Dataset entries
◇ ◇ ◇ ◇
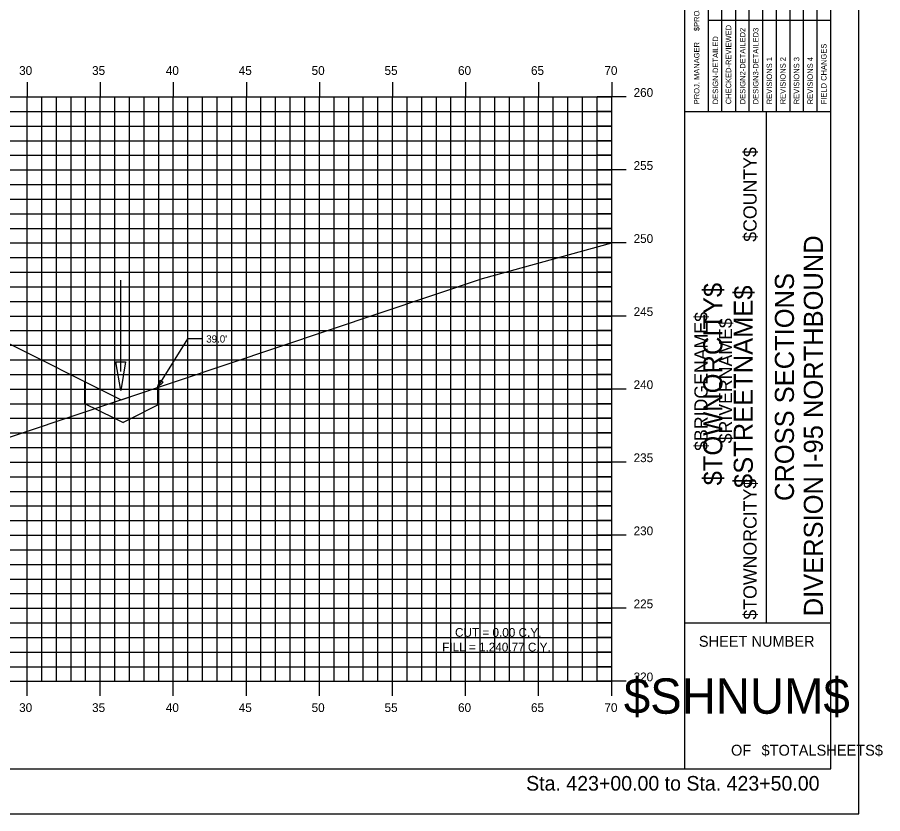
# Model space of a CAD drawing. Extents: x 1160718 to 1173142, y 616002 to 617630.
# Drawn here: x 1170213.5 to 1170272.7, y 616613.9 to 616668.4 of the extents above; entities that cross this region are included whole.
import ezdxf

# ---------------------------------------------------------------- set-up
doc = ezdxf.new("R2010")
doc.units = 0
for name, color, linetype in [('ANNOTATION', 7, 'Continuous'), ('BORDER', 7, 'Continuous'), ('BRIDGE_TITLE', 7, 'Continuous'), ('D_Drainage_Ditch_Line', 7, 'Continuous'), ('D_Roadway_SubGrade', 7, 'Continuous'), ('H_V ANNOTATION', 7, 'Continuous'), ('HIGHWAY_TITLE', 7, 'Continuous'), ('MAJOR', 7, 'Continuous'), ('MINOR', 7, 'Continuous'), ('PLOT BOUNDARY', 7, 'Continuous'), ('S_Roadway_Centerline', 7, 'Continuous')]:
    doc.layers.add(name, color=color, linetype=linetype)

msp = doc.modelspace()

# ---------------------------------------------------------------- linework, layer by layer
at = {"layer": 'ANNOTATION'}
for p in [(1170223.078, 616643.04), (1170226.151, 616646.359)]:
    msp.add_line(p, (1170225.151, 616646.359), dxfattribs=at)
for points in [[(1170218.078, 616643.452), (1170220.578, 616642.202), (1170223.078, 616643.04), (1170223.078, 616641.821), (1170221.078, 616640.821), (1170220.709, 616640.636)], [(1170218.078, 616643.452), (1170218.078, 616641.952), (1170220.078, 616640.952), (1170220.709, 616640.636)]]:
    msp.add_lwpolyline(points, dxfattribs=at)
msp.add_lwpolyline([(1170223.449, 616643.398), (1170223.078, 616643.04), (1170223.237, 616643.53)], close=True, dxfattribs=at)
at = {"layer": 'BORDER'}
for p, q in [((1170259.151, 616616.931), (1170259.151, 616721.931)), ((1170269.151, 616616.931), (1170269.151, 616721.931)), ((1170259.151, 616661.931), (1170269.151, 616661.931)), ((1170264.742, 616626.931), (1170264.742, 616661.931)), ((1170259.151, 616626.931), (1170269.151, 616626.931)), ((1170109.151, 616616.928), (1170269.151, 616616.928))]:
    msp.add_line(p, q, dxfattribs=at)
for points in [[(1170261.698, 616661.934), (1170261.698, 616679.431)], [(1170262.63, 616679.431), (1170262.63, 616661.934)], [(1170263.562, 616661.934), (1170263.562, 616679.431)], [(1170264.493, 616661.934), (1170264.493, 616679.431)], [(1170265.425, 616661.934), (1170265.425, 616679.431)], [(1170266.357, 616661.934), (1170266.357, 616679.431)], [(1170267.288, 616661.934), (1170267.288, 616679.431)], [(1170268.22, 616661.934), (1170268.22, 616679.431)], [(1170260.766, 616661.934), (1170260.766, 616678.725)], [(1170260.766, 616668.181), (1170269.151, 616668.181)]]:
    msp.add_lwpolyline(points, dxfattribs=at)
at = {"layer": 'D_Drainage_Ditch_Line'}
msp.add_line((1170220.555, 616644.134), (1170220.556, 616650.378), dxfattribs=at)
msp.add_lwpolyline([(1170220.227, 616644.791), (1170220.884, 616644.791), (1170220.555, 616642.822)], close=True, dxfattribs=at)
at = {"layer": 'D_Roadway_SubGrade'}
msp.add_line((1170204.151, 616650.415), (1170220.578, 616642.202), dxfattribs=at)
at = {"layer": 'MAJOR'}
for p, q in [((1170214.151, 616663.93), (1170214.151, 616662.928)), ((1170219.151, 616663.93), (1170219.151, 616662.928)), ((1170224.151, 616663.93), (1170224.151, 616662.928)), ((1170229.151, 616663.93), (1170229.151, 616662.928)), ((1170234.151, 616663.93), (1170234.151, 616662.928)), ((1170239.151, 616663.93), (1170239.151, 616662.928)), ((1170244.151, 616663.93), (1170244.151, 616662.928)), ((1170249.151, 616663.93), (1170249.151, 616662.928)), ((1170254.151, 616663.93), (1170254.151, 616662.928)), ((1170114.151, 616662.928), (1170254.151, 616662.928)), ((1170114.151, 616662.928), (1170254.151, 616662.928)), ((1170214.151, 616622.928), (1170214.151, 616662.928)), ((1170219.151, 616622.928), (1170219.151, 616662.928)), ((1170224.151, 616622.928), (1170224.151, 616662.928)), ((1170229.151, 616622.928), (1170229.151, 616662.928)), ((1170234.151, 616622.928), (1170234.151, 616662.928)), ((1170239.151, 616622.928), (1170239.151, 616662.928)), ((1170244.151, 616622.928), (1170244.151, 616662.928)), ((1170249.151, 616622.928), (1170249.151, 616662.928)), ((1170255.153, 616662.928), (1170253.149, 616662.928)), ((1170254.151, 616622.928), (1170254.151, 616662.928)), ((1170254.151, 616622.928), (1170254.151, 616662.928)), ((1170114.151, 616657.928), (1170254.151, 616657.928)), ((1170255.153, 616657.928), (1170253.149, 616657.928)), ((1170114.151, 616652.928), (1170254.151, 616652.928)), ((1170255.153, 616652.928), (1170253.149, 616652.928)), ((1170114.151, 616647.928), (1170254.151, 616647.928)), ((1170255.153, 616647.928), (1170253.149, 616647.928)), ((1170114.151, 616642.928), (1170254.151, 616642.928)), ((1170255.153, 616642.928), (1170253.149, 616642.928)), ((1170114.151, 616637.928), (1170254.151, 616637.928)), ((1170255.153, 616637.928), (1170253.149, 616637.928)), ((1170114.151, 616632.928), (1170254.151, 616632.928)), ((1170255.153, 616632.928), (1170253.149, 616632.928)), ((1170114.151, 616627.928), (1170254.151, 616627.928)), ((1170255.153, 616627.928), (1170253.149, 616627.928)), ((1170114.151, 616622.928), (1170254.151, 616622.928)), ((1170114.151, 616622.928), (1170254.151, 616622.928)), ((1170214.151, 616621.926), (1170214.151, 616622.928)), ((1170219.151, 616621.926), (1170219.151, 616622.928)), ((1170224.151, 616621.926), (1170224.151, 616622.928)), ((1170229.151, 616621.926), (1170229.151, 616622.928)), ((1170234.151, 616621.926), (1170234.151, 616622.928)), ((1170239.151, 616621.926), (1170239.151, 616622.928)), ((1170244.151, 616621.926), (1170244.151, 616622.928)), ((1170249.151, 616621.926), (1170249.151, 616622.928)), ((1170255.153, 616622.928), (1170253.149, 616622.928)), ((1170254.151, 616621.926), (1170254.151, 616622.928))]:
    msp.add_line(p, q, dxfattribs=at)
at = {"layer": 'MINOR'}
for p, q in [((1170215.151, 616622.928), (1170215.151, 616662.928)), ((1170216.151, 616622.928), (1170216.151, 616662.928)), ((1170217.151, 616622.928), (1170217.151, 616662.928)), ((1170218.151, 616622.928), (1170218.151, 616662.928)), ((1170220.151, 616622.928), (1170220.151, 616662.928)), ((1170221.151, 616622.928), (1170221.151, 616662.928)), ((1170222.151, 616622.928), (1170222.151, 616662.928)), ((1170223.151, 616622.928), (1170223.151, 616662.928)), ((1170225.151, 616622.928), (1170225.151, 616662.928)), ((1170226.151, 616622.928), (1170226.151, 616662.928)), ((1170227.151, 616622.928), (1170227.151, 616662.928)), ((1170228.151, 616622.928), (1170228.151, 616662.928)), ((1170230.151, 616622.928), (1170230.151, 616662.928)), ((1170231.151, 616622.928), (1170231.151, 616662.928)), ((1170232.151, 616622.928), (1170232.151, 616662.928)), ((1170233.151, 616622.928), (1170233.151, 616662.928)), ((1170235.151, 616622.928), (1170235.151, 616662.928)), ((1170236.151, 616622.928), (1170236.151, 616662.928)), ((1170237.151, 616622.928), (1170237.151, 616662.928)), ((1170238.151, 616622.928), (1170238.151, 616662.928)), ((1170240.151, 616622.928), (1170240.151, 616662.928)), ((1170241.151, 616622.928), (1170241.151, 616662.928)), ((1170242.151, 616622.928), (1170242.151, 616662.928)), ((1170243.151, 616622.928), (1170243.151, 616662.928)), ((1170245.151, 616622.928), (1170245.151, 616662.928)), ((1170246.151, 616622.928), (1170246.151, 616662.928)), ((1170247.151, 616622.928), (1170247.151, 616662.928)), ((1170248.151, 616622.928), (1170248.151, 616662.928)), ((1170250.151, 616622.928), (1170250.151, 616662.928)), ((1170251.151, 616622.928), (1170251.151, 616662.928)), ((1170252.151, 616622.928), (1170252.151, 616662.928)), ((1170253.151, 616622.928), (1170253.151, 616662.928)), ((1170114.151, 616661.928), (1170254.151, 616661.928)), ((1170254.151, 616661.928), (1170253.149, 616661.928)), ((1170114.151, 616660.928), (1170254.151, 616660.928)), ((1170254.151, 616660.928), (1170253.149, 616660.928)), ((1170114.151, 616659.928), (1170254.151, 616659.928)), ((1170254.151, 616659.928), (1170253.149, 616659.928)), ((1170114.151, 616658.928), (1170254.151, 616658.928)), ((1170254.151, 616658.928), (1170253.149, 616658.928)), ((1170114.151, 616656.928), (1170254.151, 616656.928)), ((1170254.151, 616656.928), (1170253.149, 616656.928)), ((1170114.151, 616655.928), (1170254.151, 616655.928)), ((1170254.151, 616655.928), (1170253.149, 616655.928)), ((1170114.151, 616654.928), (1170254.151, 616654.928)), ((1170254.151, 616654.928), (1170253.149, 616654.928)), ((1170114.151, 616653.928), (1170254.151, 616653.928)), ((1170254.151, 616653.928), (1170253.149, 616653.928)), ((1170114.151, 616651.928), (1170254.151, 616651.928)), ((1170254.151, 616651.928), (1170253.149, 616651.928)), ((1170114.151, 616650.928), (1170254.151, 616650.928)), ((1170254.151, 616650.928), (1170253.149, 616650.928)), ((1170114.151, 616649.928), (1170254.151, 616649.928)), ((1170254.151, 616649.928), (1170253.149, 616649.928)), ((1170114.151, 616648.928), (1170254.151, 616648.928)), ((1170254.151, 616648.928), (1170253.149, 616648.928)), ((1170114.151, 616646.928), (1170254.151, 616646.928)), ((1170254.151, 616646.928), (1170253.149, 616646.928)), ((1170114.151, 616645.928), (1170254.151, 616645.928)), ((1170254.151, 616645.928), (1170253.149, 616645.928)), ((1170114.151, 616644.928), (1170254.151, 616644.928)), ((1170254.151, 616644.928), (1170253.149, 616644.928)), ((1170114.151, 616643.928), (1170254.151, 616643.928)), ((1170254.151, 616643.928), (1170253.149, 616643.928)), ((1170114.151, 616641.928), (1170254.151, 616641.928)), ((1170254.151, 616641.928), (1170253.149, 616641.928)), ((1170114.151, 616640.928), (1170254.151, 616640.928)), ((1170254.151, 616640.928), (1170253.149, 616640.928)), ((1170114.151, 616639.928), (1170254.151, 616639.928)), ((1170254.151, 616639.928), (1170253.149, 616639.928)), ((1170114.151, 616638.928), (1170254.151, 616638.928)), ((1170254.151, 616638.928), (1170253.149, 616638.928)), ((1170114.151, 616636.928), (1170254.151, 616636.928)), ((1170254.151, 616636.928), (1170253.149, 616636.928)), ((1170114.151, 616635.928), (1170254.151, 616635.928)), ((1170254.151, 616635.928), (1170253.149, 616635.928)), ((1170114.151, 616634.928), (1170254.151, 616634.928)), ((1170254.151, 616634.928), (1170253.149, 616634.928)), ((1170114.151, 616633.928), (1170254.151, 616633.928)), ((1170254.151, 616633.928), (1170253.149, 616633.928)), ((1170114.151, 616631.928), (1170254.151, 616631.928)), ((1170254.151, 616631.928), (1170253.149, 616631.928)), ((1170114.151, 616630.928), (1170254.151, 616630.928)), ((1170254.151, 616630.928), (1170253.149, 616630.928)), ((1170114.151, 616629.928), (1170254.151, 616629.928)), ((1170254.151, 616629.928), (1170253.149, 616629.928)), ((1170114.151, 616628.928), (1170254.151, 616628.928)), ((1170254.151, 616628.928), (1170253.149, 616628.928)), ((1170114.151, 616626.928), (1170254.151, 616626.928)), ((1170254.151, 616626.928), (1170253.149, 616626.928)), ((1170114.151, 616625.928), (1170254.151, 616625.928)), ((1170254.151, 616625.928), (1170253.149, 616625.928)), ((1170114.151, 616624.928), (1170254.151, 616624.928)), ((1170254.151, 616624.928), (1170253.149, 616624.928)), ((1170114.151, 616623.928), (1170254.151, 616623.928)), ((1170254.151, 616623.928), (1170253.149, 616623.928))]:
    msp.add_line(p, q, dxfattribs=at)
at = {"layer": 'PLOT BOUNDARY'}
msp.add_lwpolyline([(1170101.057, 616613.869), (1170271.057, 616613.869), (1170271.057, 616723.869), (1170101.057, 616723.869)], close=True, dxfattribs=at)
at = {"layer": 'S_Roadway_Centerline'}
msp.add_lwpolyline([(1170114.151, 616654.034), (1170119.443, 616651.554), (1170130.924, 616646.199), (1170135.528, 616644.078), (1170163.591, 616632.625), (1170167.073, 616632.713), (1170181.848, 616633.572), (1170188.523, 616633.797), (1170199.794, 616635.233), (1170245.321, 616650.498), (1170254.151, 616652.947)], dxfattribs=at)

# ---------------------------------------------------------------- texts
at = {"layer": 'ANNOTATION'}
msp.add_text("39.0'", height=0.5, dxfattribs=at).set_placement((1170226.401, 616646.109))
for s, p in [('CUT = 0.00 C.Y.', (1170243.43, 616625.978)), ('FILL = 1,240.77 C.Y.', (1170242.551, 616624.977))]:
    msp.add_text(s, height=0.6, rotation=359.92408, dxfattribs=at).set_placement(p)
at = {"layer": 'BORDER'}
for s, height, rotation, p in [('$PROJMANAGER$', 0.37275, 90, (1170260.155, 616667.426)), ('CHECKED-REVIEWED', 0.37275, 90, (1170262.332, 616662.419)), ('DESIGN2-DETAILED2', 0.37275, 90, (1170263.301, 616662.419)), ('DESIGN3-DETAILED3', 0.37275, 90, (1170264.195, 616662.419)), ('PROJ. MANAGER', 0.37275, 90, (1170260.155, 616662.419)), ('DESIGN-DETAILED', 0.37275, 90, (1170261.437, 616662.419)), ('FIELD CHANGES', 0.37275, 90, (1170268.854, 616662.419)), ('REVISIONS 1', 0.37275, 90, (1170265.127, 616662.419)), ('REVISIONS 2', 0.37275, 90, (1170266.058, 616662.419)), ('REVISIONS 3', 0.37275, 90, (1170266.99, 616662.419)), ('REVISIONS 4', 0.37275, 90, (1170267.922, 616662.419)), ('DIVERSION I-95 NORTHBOUND  ', 1.30428, 90, (1170268.605, 616627.379)), ('CROSS SECTIONS', 1.30428, 90, (1170266.626, 616635.27)), ('SHEET NUMBER', 0.74527, 360, (1170260.116, 616625.295)), ('$SHNUM$', 2.4194, 360, (1170254.984, 616620.711)), ('OF', 0.7453, 360, (1170262.318, 616617.841)), ('$TOTALSHEETS$', 0.74527, 360, (1170264.407, 616617.841))]:
    msp.add_text(s, height=height, rotation=rotation, dxfattribs=at).set_placement(p)
at = {"layer": 'BRIDGE_TITLE'}
for s, height, p in [('$COUNTY$', 0.9072, (1170264.071, 616653.011)), ('$BRIDGENAME$', 0.90716, (1170260.717, 616638.7)), ('$RIVERNAME$', 0.90716, (1170262.394, 616639.214)), ('$TOWNORCITY$', 0.90716, (1170264.071, 616627.152))]:
    msp.add_text(s, height=height, rotation=90, dxfattribs=at).set_placement(p)
at = {"layer": 'H_V ANNOTATION'}
for s, height, p in [('30', 0.6, (1170213.599, 616664.428)), ('35', 0.6, (1170218.591, 616664.428)), ('40', 0.6, (1170223.637, 616664.428)), ('45', 0.6, (1170228.629, 616664.428)), ('50', 0.6, (1170233.615, 616664.428)), ('55', 0.6, (1170238.607, 616664.428)), ('60', 0.6, (1170243.637, 616664.428)), ('65', 0.6, (1170248.629, 616664.428)), ('70', 0.6, (1170253.653, 616664.428)), ('260', 0.6, (1170255.651, 616662.928)), ('255', 0.6, (1170255.651, 616657.928)), ('250', 0.6, (1170255.651, 616652.928)), ('245', 0.6, (1170255.651, 616647.928)), ('240', 0.6, (1170255.651, 616642.928)), ('235', 0.6, (1170255.651, 616637.928)), ('230', 0.6, (1170255.651, 616632.928)), ('225', 0.6, (1170255.651, 616627.928)), ('220', 0.6, (1170255.651, 616622.928)), ('30', 0.6, (1170213.599, 616620.828)), ('35', 0.6, (1170218.591, 616620.828)), ('40', 0.6, (1170223.637, 616620.828)), ('45', 0.6, (1170228.629, 616620.828)), ('50', 0.6, (1170233.615, 616620.828)), ('55', 0.6, (1170238.607, 616620.828)), ('60', 0.6, (1170243.637, 616620.828)), ('65', 0.6, (1170248.629, 616620.828)), ('70', 0.6, (1170253.653, 616620.828)), ('Sta. 423+00.00 to Sta. 423+50.00', 1.0002, (1170248.296, 616615.448))]:
    msp.add_text(s, height=height, dxfattribs=at).set_placement(p)
at = {"layer": 'HIGHWAY_TITLE'}
for s, p in [('$TOWNORCITY$', (1170261.723, 616636.34)), ('$STREETNAME$', (1170263.81, 616636.16))]:
    msp.add_text(s, height=1.30428, rotation=90, dxfattribs=at).set_placement(p)

doc.saveas('drawing.dxf')
◇ ◇ ◇ ◇
### Your goal
Please say how many lines above contain "True", number only.

### The answer
3